I poured myself a drink and smirked as the latest headline flashed on the screen:
“Simmons Group CEO Faces Collapse After Real Tape Surfaces.”
“Beautiful, isn’t it?” I said, raising my glass.
“After all those years of Mark playing the golden boy, now he’s nothing but a scandal headline.”
“You sound almost sentimental,” Davenport said softly.
I chuckled. “Sentimental? No. Just… satisfied.”
She leaned forward slightly. “He still has allies. The PR team. Collins. They’ll try to stop it.”
“I’m already handling that,” l said.
“The leak will keep expanding for the next twenty-four hours. His board will demand his resignation by morning.” She mentioned.
I grinned to myself, yesss this is what I needed.

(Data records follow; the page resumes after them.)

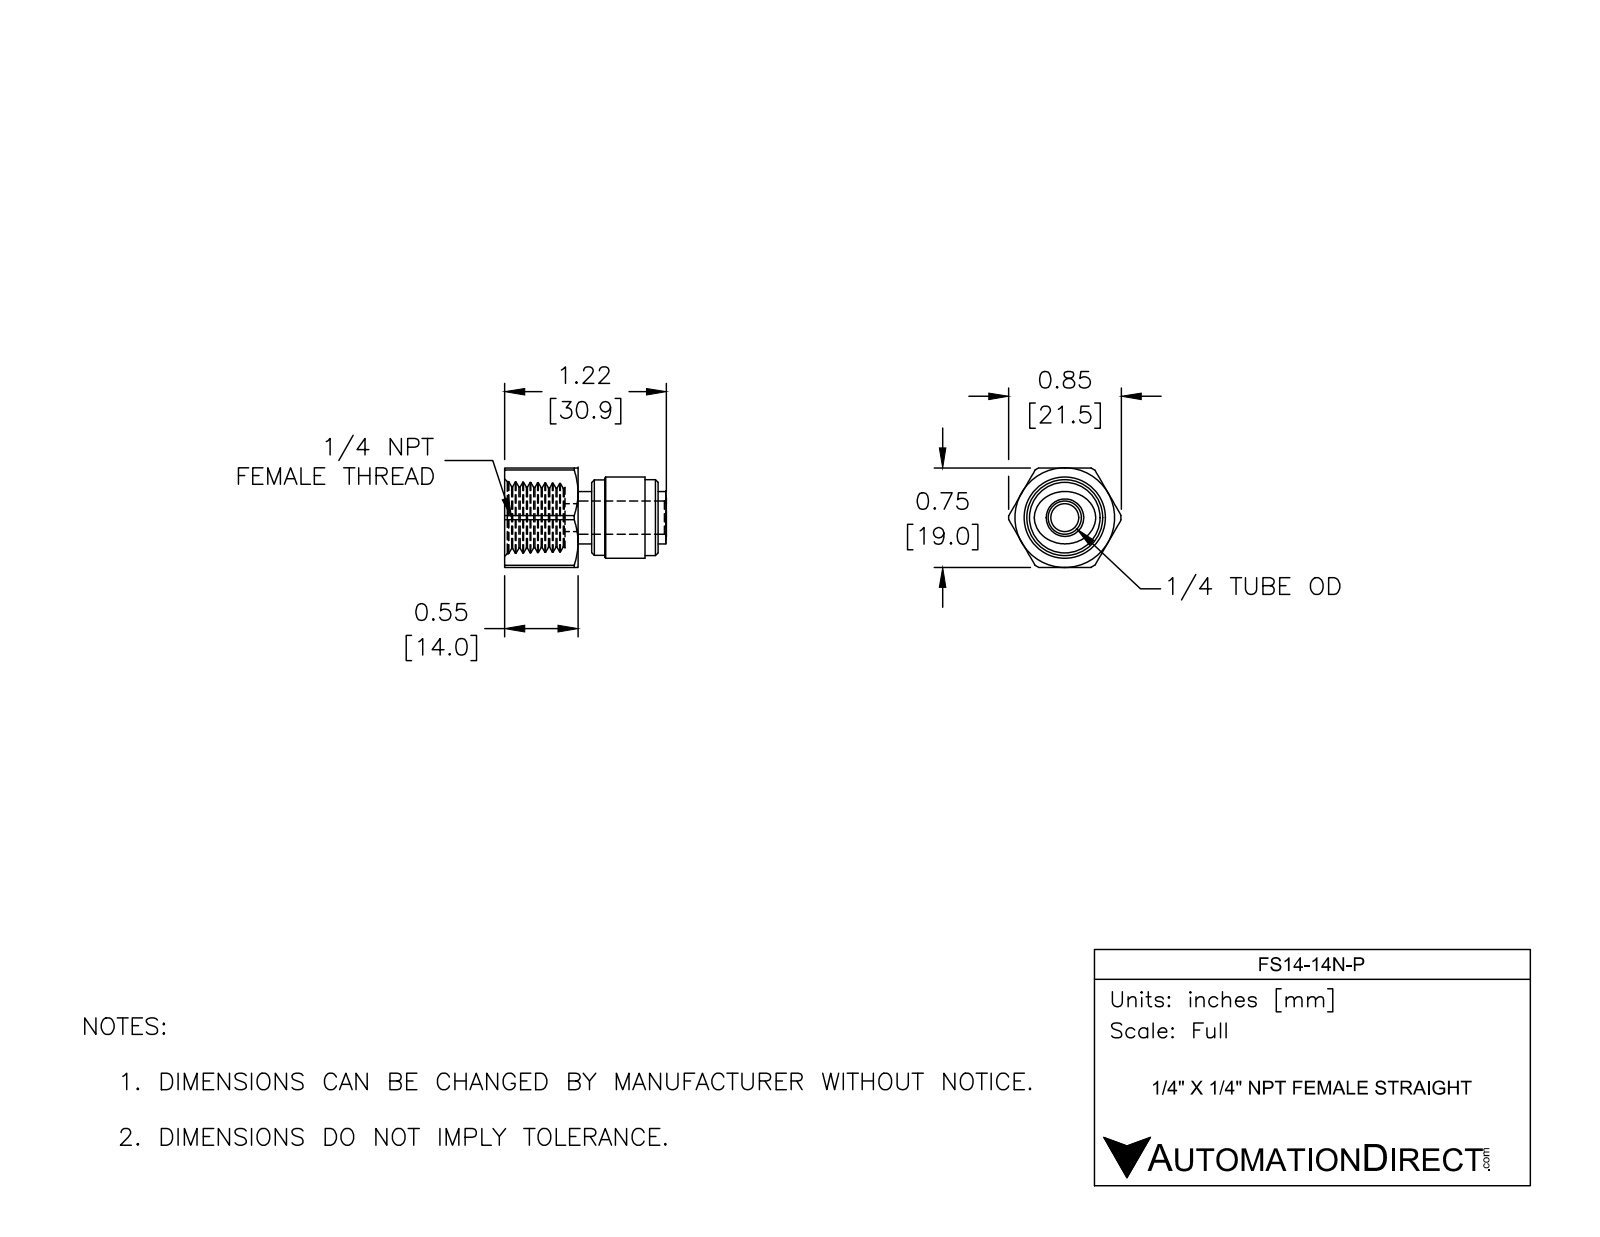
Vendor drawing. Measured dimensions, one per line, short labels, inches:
name: FS14-14N-P
written by: SolidWorks 2017 (AUTOMOTIVE_DESIGN)
unit: in
bodies: 1 solid, 134 faces (14 planar, 19 cylindrical, 101 other)
size: 1.217 × 0.846 × 0.748
volume: 0.303 in³; area: 5.432 in²
holes: 1× ⌀0.209, 1× ⌀0.25
bosses: 1× ⌀0.61, 1× ⌀0.571, 1× ⌀0.567, 1× ⌀0.394
rounds: 1× R0.423
face distances: 0.748, 0.551, 0.098, 0.453, 0.201, 0.602, 0.654, 0.102, 1.154, 0.701

“He’ll fall quietly. That’s the beauty of it, he won’t even know I was the one who set the camera on his phone. Poor fool thought I came to ‘reconnect’ that day.” I laughed
Davenport crossed her legs, voice low and calm. “And when he’s gone?”
“I take his position,” Daniel said. “The Simmons legacy deserves a leader who isn’t ruled by guilt and women.”
A slow, dangerous smile curved her lips. “Ambition looks good on you.”
I sipped my drink, eyes gleaming. “And what’s next, Davenport? You said you’ve already played the final card.”
For a moment, she was silent. Then she turned her monitor toward me.
The screen showed Becca’s apartment, her face pale, unaware of the tiny blinking light in her lamp.
“This,” Davenport said. “The one piece he can’t fight back from.”
My smile faded. “You bugged her too?”